Ben Bova - Die Rückkehr zum Mars



Spoiler



DAS GRÖSSTE ABENTEUER DER MENSCHHEIT GEHT WEITER

In ›Mars‹ schilderte Ben Bova die abenteuerliche Geschichte der ersten bemannten Mars-Mission.
Nun, einige Jahre später, kehrt ein Team aus Astronauten, Ingenieuren und Wissenschaftlern zum sagenumwobenen Roten Planeten zurück. Geleitet wird diese Expedition von Jamie Waterman, der bereits auf der ersten Reise dabei war und auf dem Mars Spuren intelligenten Lebens entdeckt hatte. Er hat es sich zu seiner Aufgabe gemacht, das Geheimnis unseres Nachbarplaneten zu lüften, und er würde alles dafür hergeben – selbst sein eigenes Leben.


 
Alan Dean Foster - Das Tar-Aym-Krang



Spoiler



Wikipedia zu Alan Dean Foster (u.a.):
"Im Science-Fiction-Bereich schuf er mit dem Homanx-Commonwealth (einer Vereinigung von Menschen und außerirdischen Thranx, einer Insektenrasse) ein eigenes Universum, in dem viele seiner Romane handeln. Die bekannteste Roman-Figur (und der Liebling vieler Leser) ist ein empathisch begabter junger Mann namens Philip Lynx (alias Flinx). Im Bereich der Fantasy ist der Bannsänger-Zyklus (die Geschichte eines Jura-Studenten, welcher in eine Parallelwelt versetzt wird) am bekanntesten."

Das ist der erste Roman Alan Dean Fosters, in dem Pip & Flinx auftauchen, die sich bei SF-Lesern so großer Beliebtheit erfreuten, dass etliche weitere Romane und ein Prequel erschienen.
Der Roman ist aber eigenständig und für sich zu lesen. Wem er gefällt, dem steht noch jede Menge weiterer Lesestoff über die beiden "Helden" zur Verfügung.
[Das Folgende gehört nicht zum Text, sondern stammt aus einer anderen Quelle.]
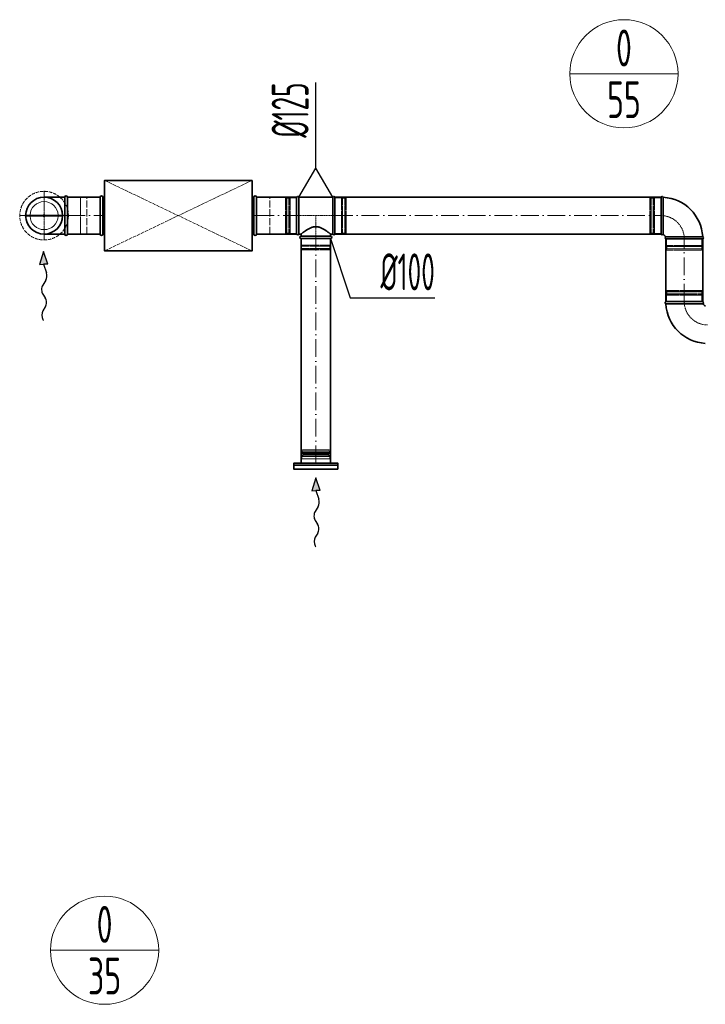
# Model space of a CAD drawing. Header units: millimetres. Extents: x 8221 to 89444, y -105166 to -5578.
# Tile 39 of 118: x 56352 to 58677, y -104048 to -100710. Entities that reach past the tile are written whole.
import ezdxf
from ezdxf.enums import TextEntityAlignment as Align

# ---------------------------------------------------------------- set-up
doc = ezdxf.new("R2010")
doc.units = ezdxf.units.MM
for name, pattern in [('ACAD_ISO02W100', [15, 12, -3]), ('ACAD_ISO10W100', [18, 12, -3, 0, -3]), ('phl_thick', [0])]:
    doc.linetypes.add(name, pattern=pattern)
for name, color, linetype, lineweight in [('VZT_05 ETA (ODVOD) - OBRYS', 6, 'Continuous', 35), ('VZT_06 ETA (ODVOD) - OSA', 6, 'ACAD_ISO10W100', 5), ('VZT_08 ETA (ODVOD) - SKRYTÉ', 6, 'ACAD_ISO02W100', 5), ('VZT_30 DISTRIBUČNÍ PRVKY - OBRYS', 1, 'Continuous', 35), ('VZT_31 DISTRIBUČNÍ PRVKY - OSA', 8, 'ACAD_ISO10W100', 5), ('VZT_32 DISTRIBUČNÍ PRVKY - DETAIL', 8, 'Continuous', 5), ('VZT_33 DISTRIBUČNÍ PRVKY - SKRYTÉ', 8, 'ACAD_ISO02W100', 5), ('VZT_35 TLUMIČE HLUKU - OBRYS', 1, 'Continuous', 35), ('VZT_36 TLUMIČE HLUKU - OSA', 1, 'ACAD_ISO10W100', 5), ('VZT_37 TLUMIČE HLUKU - DETAIL', 8, 'ACAD_ISO02W100', 5), ('VZT_50 POPIS - OBECNE', 7, 'Continuous', 13), ('VZT_52 POPIS - DISTRIBUCE', 7, 'Continuous', 5), ('VZT_60_KOTY - DIMENZE', 7, 'Continuous', 5)]:
    doc.layers.add(name, color=color, linetype=linetype, lineweight=lineweight)
doc.layers.add('VZT_07 ETA (ODVOD) - NETISK', color=8, linetype='ACAD_ISO02W100', lineweight=5, plot=False)
doc.layers.add('VZT_39 TLUMIČE HLUKU - NETISK', color=8, linetype='ACAD_ISO02W100', lineweight=5, plot=False)
doc.styles.add('EVORA_125', font='isocp.shx', dxfattribs={"width": 0.6, "height": 125})
doc.styles.add('JS', font='isocp.shx', dxfattribs={"width": 0.6, "height": 125})

# ---------------------------------------------------------------- blocks, each defined once
blk = doc.blocks.new('*U38')
at = {"layer": 'VZT_31 DISTRIBUČNÍ PRVKY - OSA', "color": 0}
for p, q in [((0, 16.5), (0, 82.62)), ((-82.62, 0), (-16.5, 0)), ((16.5, 0), (82.62, 0)), ((0, -82.62), (0, -16.5))]:
    blk.add_line(p, q, dxfattribs=at)
at = {"layer": 'VZT_31 DISTRIBUČNÍ PRVKY - OSA', "color": 0, "linetype": 'Continuous'}
for p, q in [((-8.25, 0), (8.25, 0)), ((0, -8.25), (0, 8.25))]:
    blk.add_line(p, q, dxfattribs=at)

msp = doc.modelspace()

# ---------------------------------------------------------------- linework, layer by layer
at = {"color": 8, "lineweight": 5}
for points in [[(57304.1, -102178.7), (57309.8, -102177.2, -0.060863), (57310.5, -102177.2), (57356.2, -102177.2)], [(57304.1, -102178.7), (57310.1, -102180.1, 0.058981), (57310.7, -102180.2), (57356.2, -102180.2)], [(57308.7, -102198.5), (57308.7, -102190.7, -0.291473), (57310.3, -102188.3, -0.291473)], [(57408.4, -102178.7), (57402.6, -102177.2, 0.060863), (57402, -102177.2), (57356.2, -102177.2)], [(57408.4, -102178.7), (57402.4, -102180.1, -0.058981), (57401.8, -102180.2), (57356.2, -102180.2)], [(57403.7, -102198.5), (57403.7, -102190.7, 0.291473), (57402.2, -102188.3, 0.291473)]]:
    msp.add_lwpolyline(points, format="xyb", dxfattribs=at)
for points in [[(57308.7, -102190.7), (57356.2, -102190.7)], [(57310.7, -102188), (57356.2, -102188)], [(57312.5, -102172.5), (57311.1, -102168.5), (57356.2, -102168.5)], [(57311.6, -102172.7), (57356.2, -102172.7)], [(57312.3, -102184.4), (57356.2, -102184.4)], [(57400, -102172.5), (57401.4, -102168.5), (57356.2, -102168.5)], [(57400.9, -102172.7), (57356.2, -102172.7)], [(57400.1, -102184.4), (57356.2, -102184.4)], [(57401.8, -102188), (57356.2, -102188)], [(57403.7, -102190.7), (57356.2, -102190.7)], [(57404.7, -102213.5), (57404.7, -102198.5), (57307.7, -102198.5), (57307.7, -102213.5)], [(57404.7, -102213.5), (57307.7, -102213.5)]]:
    msp.add_lwpolyline(points, dxfattribs=at)
for centre, radius, start, end in [((57320.6, -102178), 10.5, 149.7176, 217.8378), ((57308.5, -102184.8), 3.88, 297.4993, 6.6735), ((57391.9, -102178), 10.5, 322.1622, 30.2824), ((57404, -102184.8), 3.88, 173.3265, 242.5007)]:
    msp.add_arc(centre, radius, start, end, dxfattribs=at)
at = {"layer": 'VZT_05 ETA (ODVOD) - OBRYS'}
for p, q in [((57291.2, -101436.8), (57291.2, -101311.8)), ((57298.9, -101436.8), (57298.9, -101311.8)), ((57298.9, -101311.8), (57413.6, -101311.8)), ((57413.6, -101311.8), (57413.6, -101436.8)), ((57421.2, -101436.8), (57421.2, -101311.8)), ((58526.6, -101436.8), (58526.6, -101311.8)), ((58534.2, -101436.8), (58534.2, -101311.8)), ((57298.9, -101436.8), (57306.2, -101436.8)), ((57306.2, -101444.3), (57306.2, -101436.8)), ((57406.2, -101444.3), (57306.2, -101444.3)), ((57406.2, -101452.3), (57306.2, -101452.3)), ((57406.2, -101444.3), (57406.2, -101436.8)), ((57406.2, -101436.8), (57413.6, -101436.8)), ((58543.1, -101445.7), (58668.1, -101445.7)), ((58543.1, -101453.3), (58668.1, -101453.3)), ((58668.1, -101665.9), (58543.1, -101665.9)), ((58668.1, -101673.5), (58543.1, -101673.5))]:
    msp.add_line(p, q, dxfattribs=at)
for points in [[(56504.8, -101311.8), (56434.8, -101311.8)], [(56504.8, -101311.8), (56504.8, -101436.8)], [(56624.9, -101311.8), (56513.8, -101311.8)], [(56513.8, -101311.8), (56513.8, -101436.8)], [(57291.2, -101311.8), (57154.9, -101311.8)], [(58526.6, -101311.8), (57421.2, -101311.8)], [(56504.8, -101436.8), (56434.8, -101436.8)], [(56624.9, -101436.8), (56513.8, -101436.8)], [(57291.2, -101436.8), (57154.9, -101436.8)], [(57306.2, -101452.3), (57306.2, -102213.5)], [(57406.2, -101452.3), (57406.2, -102213.5)], [(58526.6, -101436.8), (57421.2, -101436.8)], [(58543.1, -101453.3), (58543.1, -101665.9)], [(58668.1, -101453.3), (58668.1, -101665.9)]]:
    msp.add_lwpolyline(points, dxfattribs=at)
for centre, radius, start, end in [((56434.8, -101374.3), 62.5, 90, 270), ((56509.3, -101311.8), 4.5, 0, 180), ((57295.1, -101313.5), 4.17, 23.4678, 156.5322), ((57417.4, -101313.5), 4.17, 23.4678, 156.5322), ((58530.4, -101313.5), 4.17, 20.3309, 156.5322), ((58526.6, -101453.3), 141.5, 3.1369, 86.8631), ((56509.3, -101436.8), 4.5, 180, 0), ((57295.1, -101435.2), 4.17, 203.4678, 336.5322), ((57306.2, -101448.3), 4, 90, 270), ((57406.2, -101448.3), 4, 270, 90), ((57417.4, -101435.2), 4.17, 203.4678, 336.5322), ((58530.4, -101435.2), 4.17, 203.4678, 336.5322), ((58526.6, -101453.3), 16.5, 23.8093, 66.1907), ((58544.8, -101449.5), 4.17, 113.4678, 246.5322), ((58666.4, -101449.5), 4.17, 293.4678, 69.6691), ((58544.8, -101669.7), 4.17, 113.4678, 249.6691), ((58684.6, -101665.9), 141.5, 183.1369, 266.8631), ((58666.4, -101669.7), 4.17, 293.4678, 66.5322), ((58684.6, -101665.9), 16.5, 203.8093, 246.1907)]:
    msp.add_arc(centre, radius, start, end, dxfattribs=at)
msp.add_open_spline([(57406.2, -101436.8), (57406.2, -101436.8), (57406.1, -101436.8), (57405.8, -101436.5), (57405.6, -101436.3), (57404.9, -101435.8), (57404.5, -101435.4), (57403.5, -101434.6), (57402.9, -101434.2), (57401.6, -101433.2), (57400.8, -101432.6), (57399.3, -101431.4), (57398.4, -101430.8), (57396.6, -101429.4), (57395.7, -101428.7), (57393.7, -101427.3), (57392.6, -101426.6), (57390.5, -101425.1), (57389.3, -101424.3), (57386.9, -101422.8), (57385.6, -101422), (57383, -101420.4), (57381.6, -101419.6), (57378.8, -101418.1), (57377.3, -101417.3), (57372.8, -101415.2), (57369.6, -101414), (57364.7, -101412.7), (57363, -101412.4), (57359.6, -101411.9), (57357.9, -101411.8), (57354.5, -101411.8), (57352.8, -101411.9), (57349.5, -101412.4), (57347.8, -101412.7), (57342.9, -101414), (57339.7, -101415.2), (57335.2, -101417.3), (57333.7, -101418.1), (57330.8, -101419.6), (57329.5, -101420.4), (57326.8, -101422), (57325.5, -101422.8), (57323.1, -101424.3), (57322, -101425.1), (57319.8, -101426.6), (57318.8, -101427.3), (57316.8, -101428.7), (57315.9, -101429.4), (57314, -101430.8), (57313.2, -101431.4), (57311.6, -101432.6), (57310.9, -101433.2), (57309.6, -101434.2), (57309, -101434.6), (57308, -101435.4), (57307.6, -101435.8), (57306.9, -101436.3), (57306.6, -101436.5), (57306.3, -101436.8), (57306.2, -101436.8), (57306.2, -101436.8)], degree=3, knots=[80.753728, 80.753728, 80.753728, 80.753728, 85.721109, 85.721109, 90.68849, 90.68849, 95.655871, 95.655871, 100.623252, 100.623252, 105.590633, 105.590633, 110.558015, 110.558015, 115.525396, 115.525396, 120.492777, 120.492777, 125.619612, 125.619612, 130.746447, 130.746447, 135.873281, 135.873281, 141.000116, 141.000116, 151.253786, 151.253786, 156.38062, 156.38062, 161.507455, 161.507455, 166.63429, 166.63429, 171.761125, 171.761125, 182.014794, 182.014794, 187.141629, 187.141629, 192.268464, 192.268464, 197.395298, 197.395298, 202.522133, 202.522133, 207.489514, 207.489514, 212.456896, 212.456896, 217.424277, 217.424277, 222.391658, 222.391658, 227.359039, 227.359039, 232.32642, 232.32642, 237.293801, 237.293801, 242.261183, 242.261183, 242.261183, 242.261183], dxfattribs=at)
at = {"layer": 'VZT_06 ETA (ODVOD) - OSA', "ltscale": 0.3}
for points in [[(56434.8, -101301.8), (56434.8, -101374.3)], [(56362.3, -101374.3), (56434.8, -101374.3)], [(56434.8, -101374.3), (56513.8, -101374.3)], [(56434.8, -101374.3), (56434.8, -101446.8)], [(57291.2, -101374.3), (57421.2, -101374.3)], [(57356.2, -101452.3), (57356.2, -101374.3)]]:
    msp.add_lwpolyline(points, dxfattribs=at)
at = {"layer": 'VZT_06 ETA (ODVOD) - OSA', "ltscale": 5}
for points in [[(56513.8, -101374.3), (56624.9, -101374.3)], [(57154.9, -101374.3), (57291.2, -101374.3)], [(57421.2, -101374.3), (58526.6, -101374.3)], [(57356.2, -102213.5), (57356.2, -101452.3)], [(58605.6, -101665.9), (58605.6, -101453.3)]]:
    msp.add_lwpolyline(points, dxfattribs=at)
at = {"layer": 'VZT_06 ETA (ODVOD) - OSA', "ltscale": 0.3}
for points in [[(58526.6, -101374.3), (58526.6, -101374.3, -0.414214), (58605.6, -101453.3), (58605.6, -101453.3)], [(58684.6, -101744.9), (58684.6, -101744.9, -0.414214), (58605.6, -101665.9), (58605.6, -101665.9)]]:
    msp.add_lwpolyline(points, format="xyb", dxfattribs=at)
at = {"layer": 'VZT_07 ETA (ODVOD) - NETISK', "ltscale": 0.4}
for p, q in [((57253.2, -101434.3), (57253.2, -101314.3)), ((57257.2, -101314.3), (57253.2, -101314.3)), ((57257.2, -101434.3), (57257.2, -101314.3)), ((57257.7, -101315.3), (57257.2, -101315.3)), ((57257.7, -101435.3), (57257.7, -101313.3)), ((57258.2, -101313.3), (57257.7, -101313.3)), ((57258.2, -101435.3), (57258.2, -101313.3)), ((57265.2, -101315.3), (57258.2, -101315.3)), ((57265.2, -101435.3), (57265.2, -101313.3)), ((57265.7, -101313.3), (57265.2, -101313.3)), ((57265.7, -101435.3), (57265.7, -101313.3)), ((57269.2, -101315.3), (57265.7, -101315.3)), ((57269.2, -101434.3), (57269.2, -101314.3)), ((57291.2, -101314.3), (57269.2, -101314.3)), ((57443.2, -101314.3), (57421.2, -101314.3)), ((57443.2, -101434.3), (57443.2, -101314.3)), ((57446.7, -101315.3), (57443.2, -101315.3)), ((57446.7, -101435.3), (57446.7, -101313.3)), ((57447.2, -101313.3), (57446.7, -101313.3)), ((57447.2, -101435.3), (57447.2, -101313.3)), ((57454.2, -101315.3), (57447.2, -101315.3)), ((57454.2, -101435.3), (57454.2, -101313.3)), ((57454.7, -101313.3), (57454.2, -101313.3)), ((57454.7, -101435.3), (57454.7, -101313.3)), ((57455.2, -101315.3), (57454.7, -101315.3)), ((57455.2, -101434.3), (57455.2, -101314.3)), ((57459.2, -101314.3), (57455.2, -101314.3)), ((57459.2, -101434.3), (57459.2, -101314.3)), ((58488.6, -101434.3), (58488.6, -101314.3)), ((58488.6, -101314.3), (58492.6, -101314.3)), ((58492.6, -101434.3), (58492.6, -101314.3)), ((58492.6, -101315.3), (58493.1, -101315.3)), ((58493.1, -101435.3), (58493.1, -101313.3)), ((58493.1, -101313.3), (58493.6, -101313.3)), ((58493.6, -101435.3), (58493.6, -101313.3)), ((58493.6, -101315.3), (58500.6, -101315.3)), ((58500.6, -101435.3), (58500.6, -101313.3)), ((58500.6, -101313.3), (58501.1, -101313.3)), ((58501.1, -101435.3), (58501.1, -101313.3)), ((58501.1, -101315.3), (58504.6, -101315.3)), ((58504.6, -101434.3), (58504.6, -101314.3)), ((58504.6, -101314.3), (58526.6, -101314.3)), ((57257.2, -101434.3), (57253.2, -101434.3)), ((57257.7, -101433.3), (57257.2, -101433.3)), ((57258.2, -101435.3), (57257.7, -101435.3)), ((57265.2, -101433.3), (57258.2, -101433.3)), ((57265.7, -101435.3), (57265.2, -101435.3)), ((57269.2, -101433.3), (57265.7, -101433.3)), ((57291.2, -101434.3), (57269.2, -101434.3)), ((57307.2, -101452.3), (57307.2, -101474.3)), ((57405.2, -101452.3), (57405.2, -101474.3)), ((57443.2, -101434.3), (57421.2, -101434.3)), ((57446.7, -101433.3), (57443.2, -101433.3)), ((57447.2, -101435.3), (57446.7, -101435.3)), ((57454.2, -101433.3), (57447.2, -101433.3)), ((57454.7, -101435.3), (57454.2, -101435.3)), ((57455.2, -101433.3), (57454.7, -101433.3)), ((57459.2, -101434.3), (57455.2, -101434.3)), ((58488.6, -101434.3), (58492.6, -101434.3)), ((58492.6, -101433.3), (58493.1, -101433.3)), ((58493.1, -101435.3), (58493.6, -101435.3)), ((58493.6, -101433.3), (58500.6, -101433.3)), ((58500.6, -101435.3), (58501.1, -101435.3)), ((58501.1, -101433.3), (58504.6, -101433.3)), ((58504.6, -101434.3), (58526.6, -101434.3)), ((58545.6, -101453.3), (58545.6, -101475.3)), ((58665.6, -101453.3), (58665.6, -101475.3)), ((57406.2, -101477.8), (57306.2, -101477.8)), ((57306.2, -101477.8), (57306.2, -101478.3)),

Auf einem der schönsten Planeten der Galaxis, auf Moth, ist Flinx aufgewachsen, ein Waisenbengel, der mit allen Wassern gewaschen ist, denn er ist bei Mutter Mastiff in die Schule gegangen, der gerissensten Händlerin auf dem Marktplatz von Drallar.
Er verdient sein Geld mit Gedankenlesen. Bei ihm ist kein Trick dahinter, denn er verfügt tatsächlich über diese Gabe. Und Pip, sein Minidrach, der stets auf seiner Schulter sitzt, teilt sie mit ihm. So bleibt es ihnen nicht verborgen, als es um ein »Riesending« geht, um ein angeblich unschätzbar wertvolles Artefakt, das eine ausgestorbene Rasse hinterlassen hat. Nur weiß niemand so genau, um was es sich dabei handelt.
Flinx setzt sich in Besitz der Koordinaten und schließt sich einer bunten Reisegruppe unter der Führung des Geschäftsmanns Malaika an. Nach einer tollkühnen Hetzjagd, bei der sie am Rand eines Neutronensterns selbst ihre hartnäckigsten Gegner abhängen, finden sie das gewaltigste Bauwerk der Galaxis: das TAR-AIYM KRANG.
In seinem Innern erwachen bei ihrer Annäherung Maschinen zum Leben, die seit einer halben Million Jahre geruht haben. Überaus sensible Maschinen, die über tödliche Waffen verfügen.



Frederik Pohl & Cyril M. Kornbluth - Eine Handvoll Venus und ehrbare Kaufleute



Spoiler



Für einen Roman von 1952 erschreckend aktuell. Ein echter Klassiker der Science Fiction.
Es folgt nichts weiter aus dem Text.